The output is the lines below from the one with "#235 = DIRECTION('',(0.,-1.,0.));" through the one with "#245 = LINE('',#246,#247);", both included, printed exactly and with no other line.

# # # #

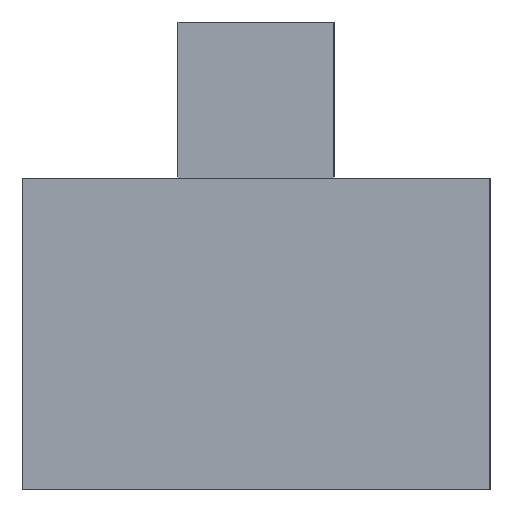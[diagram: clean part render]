
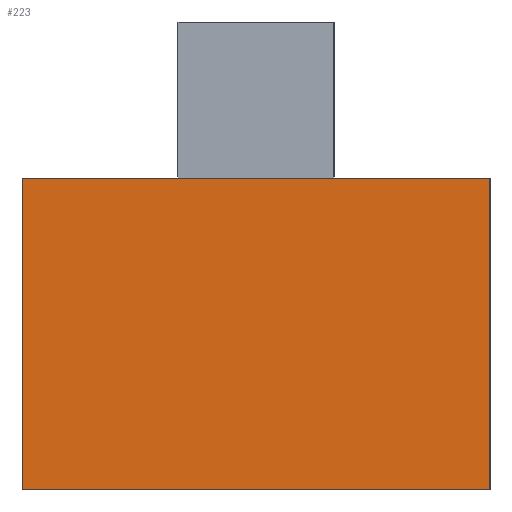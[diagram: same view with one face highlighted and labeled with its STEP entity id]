
A CAD part, left-side view. The second image highlights one B-rep face of the part: STEP entity #223.
In plain terms, the highlighted planar face has unit normal (-1, 0, 0).
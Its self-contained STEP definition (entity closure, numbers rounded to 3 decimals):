
#32 = PLANE('',#33);
#33 = AXIS2_PLACEMENT_3D('',#34,#35,#36);
#34 = CARTESIAN_POINT('',(0.,15.,0.));
#35 = DIRECTION('',(0.,-1.,0.));
#36 = DIRECTION('',(-1.,0.,0.));
#57 = VERTEX_POINT('',#58);
#58 = CARTESIAN_POINT('',(-37.587,15.,10.));
#72 = PLANE('',#73);
#73 = AXIS2_PLACEMENT_3D('',#74,#75,#76);
#74 = CARTESIAN_POINT('',(-16.678,7.5,10.));
#75 = DIRECTION('',(0.,0.,1.));
#76 = DIRECTION('',(1.,0.,0.));
#84 = EDGE_CURVE('',#85,#57,#87,.T.);
#85 = VERTEX_POINT('',#86);
#86 = CARTESIAN_POINT('',(-37.587,15.,0.));
#87 = SURFACE_CURVE('',#88,(#92,#99),.PCURVE_S1.);
#88 = LINE('',#89,#90);
#89 = CARTESIAN_POINT('',(-37.587,15.,0.));
#90 = VECTOR('',#91,1.);
#91 = DIRECTION('',(0.,0.,1.));
#92 = PCURVE('',#32,#93);
#93 = DEFINITIONAL_REPRESENTATION('',(#94),#98);
#94 = LINE('',#95,#96);
#95 = CARTESIAN_POINT('',(37.587,0.));
#96 = VECTOR('',#97,1.);
#97 = DIRECTION('',(0.,-1.));
#98 = ( GEOMETRIC_REPRESENTATION_CONTEXT(2) 
PARAMETRIC_REPRESENTATION_CONTEXT() REPRESENTATION_CONTEXT('2D SPACE',''
  ) );
#99 = PCURVE('',#100,#105);
#100 = PLANE('',#101);
#101 = AXIS2_PLACEMENT_3D('',#102,#103,#104);
#102 = CARTESIAN_POINT('',(-37.587,15.,0.));
#103 = DIRECTION('',(1.,0.,0.));
#104 = DIRECTION('',(0.,-1.,0.));
#105 = DEFINITIONAL_REPRESENTATION('',(#106),#110);
#106 = LINE('',#107,#108);
#107 = CARTESIAN_POINT('',(0.,0.));
#108 = VECTOR('',#109,1.);
#109 = DIRECTION('',(0.,-1.));
#110 = ( GEOMETRIC_REPRESENTATION_CONTEXT(2) 
PARAMETRIC_REPRESENTATION_CONTEXT() REPRESENTATION_CONTEXT('2D SPACE',''
  ) );
#126 = PLANE('',#127);
#127 = AXIS2_PLACEMENT_3D('',#128,#129,#130);
#128 = CARTESIAN_POINT('',(-16.678,7.5,0.));
#129 = DIRECTION('',(0.,0.,1.));
#130 = DIRECTION('',(1.,0.,0.));
#223 = ADVANCED_FACE('',(#224),#100,.F.);
#224 = FACE_BOUND('',#225,.F.);
#225 = EDGE_LOOP('',(#226,#227,#250,#278));
#226 = ORIENTED_EDGE('',*,*,#84,.T.);
#227 = ORIENTED_EDGE('',*,*,#228,.T.);
#228 = EDGE_CURVE('',#57,#229,#231,.T.);
#229 = VERTEX_POINT('',#230);
#230 = CARTESIAN_POINT('',(-37.587,0.,10.));
#231 = SURFACE_CURVE('',#232,(#236,#243),.PCURVE_S1.);
#232 = LINE('',#233,#234);
#233 = CARTESIAN_POINT('',(-37.587,15.,10.));
#234 = VECTOR('',#235,1.);
#235 = DIRECTION('',(0.,-1.,0.));
#236 = PCURVE('',#100,#237);
#237 = DEFINITIONAL_REPRESENTATION('',(#238),#242);
#238 = LINE('',#239,#240);
#239 = CARTESIAN_POINT('',(0.,-10.));
#240 = VECTOR('',#241,1.);
#241 = DIRECTION('',(1.,0.));
#242 = ( GEOMETRIC_REPRESENTATION_CONTEXT(2) 
PARAMETRIC_REPRESENTATION_CONTEXT() REPRESENTATION_CONTEXT('2D SPACE',''
  ) );
#243 = PCURVE('',#72,#244);
#244 = DEFINITIONAL_REPRESENTATION('',(#245),#249);
#245 = LINE('',#246,#247);
#246 = CARTESIAN_POINT('',(-20.909,7.5));
#247 = VECTOR('',#248,1.);
#248 = DIRECTION('',(0.,-1.));
#249 = ( GEOMETRIC_REPRESENTATION_CONTEXT(2) 
PARAMETRIC_REPRESENTATION_CONTEXT() REPRESENTATION_CONTEXT('2D SPACE',''
  ) );
#250 = ORIENTED_EDGE('',*,*,#251,.F.);
#251 = EDGE_CURVE('',#252,#229,#254,.T.);
#252 = VERTEX_POINT('',#253);
#253 = CARTESIAN_POINT('',(-37.587,0.,0.));
#254 = SURFACE_CURVE('',#255,(#259,#266),.PCURVE_S1.);
#255 = LINE('',#256,#257);
#256 = CARTESIAN_POINT('',(-37.587,0.,0.));
#257 = VECTOR('',#258,1.);
#258 = DIRECTION('',(0.,0.,1.));
#259 = PCURVE('',#100,#260);
#260 = DEFINITIONAL_REPRESENTATION('',(#261),#265);
#261 = LINE('',#262,#263);
#262 = CARTESIAN_POINT('',(15.,0.));
#263 = VECTOR('',#264,1.);
#264 = DIRECTION('',(0.,-1.));
#265 = ( GEOMETRIC_REPRESENTATION_CONTEXT(2) 
PARAMETRIC_REPRESENTATION_CONTEXT() REPRESENTATION_CONTEXT('2D SPACE',''
  ) );
#266 = PCURVE('',#267,#272);
#267 = PLANE('',#268);
#268 = AXIS2_PLACEMENT_3D('',#269,#270,#271);
#269 = CARTESIAN_POINT('',(-37.587,0.,0.));
#270 = DIRECTION('',(0.,1.,0.));
#271 = DIRECTION('',(1.,0.,0.));
#272 = DEFINITIONAL_REPRESENTATION('',(#273),#277);
#273 = LINE('',#274,#275);
#274 = CARTESIAN_POINT('',(0.,0.));
#275 = VECTOR('',#276,1.);
#276 = DIRECTION('',(0.,-1.));
#277 = ( GEOMETRIC_REPRESENTATION_CONTEXT(2) 
PARAMETRIC_REPRESENTATION_CONTEXT() REPRESENTATION_CONTEXT('2D SPACE',''
  ) );
#278 = ORIENTED_EDGE('',*,*,#279,.F.);
#279 = EDGE_CURVE('',#85,#252,#280,.T.);
#280 = SURFACE_CURVE('',#281,(#285,#292),.PCURVE_S1.);
#281 = LINE('',#282,#283);
#282 = CARTESIAN_POINT('',(-37.587,15.,0.));
#283 = VECTOR('',#284,1.);
#284 = DIRECTION('',(0.,-1.,0.));
#285 = PCURVE('',#100,#286);
#286 = DEFINITIONAL_REPRESENTATION('',(#287),#291);
#287 = LINE('',#288,#289);
#288 = CARTESIAN_POINT('',(0.,0.));
#289 = VECTOR('',#290,1.);
#290 = DIRECTION('',(1.,0.));
#291 = ( GEOMETRIC_REPRESENTATION_CONTEXT(2) 
PARAMETRIC_REPRESENTATION_CONTEXT() REPRESENTATION_CONTEXT('2D SPACE',''
  ) );
#292 = PCURVE('',#126,#293);
#293 = DEFINITIONAL_REPRESENTATION('',(#294),#298);
#294 = LINE('',#295,#296);
#295 = CARTESIAN_POINT('',(-20.909,7.5));
#296 = VECTOR('',#297,1.);
#297 = DIRECTION('',(0.,-1.));
#298 = ( GEOMETRIC_REPRESENTATION_CONTEXT(2) 
PARAMETRIC_REPRESENTATION_CONTEXT() REPRESENTATION_CONTEXT('2D SPACE',''
  ) );

# # # #

SOLUTION FOR THIS PROBLEM »
#235 = DIRECTION('',(0.,-1.,0.));
#236 = PCURVE('',#100,#237);
#237 = DEFINITIONAL_REPRESENTATION('',(#238),#242);
#238 = LINE('',#239,#240);
#239 = CARTESIAN_POINT('',(0.,-10.));
#240 = VECTOR('',#241,1.);
#241 = DIRECTION('',(1.,0.));
#242 = ( GEOMETRIC_REPRESENTATION_CONTEXT(2) 
PARAMETRIC_REPRESENTATION_CONTEXT() REPRESENTATION_CONTEXT('2D SPACE',''
  ) );
#243 = PCURVE('',#72,#244);
#244 = DEFINITIONAL_REPRESENTATION('',(#245),#249);
#245 = LINE('',#246,#247);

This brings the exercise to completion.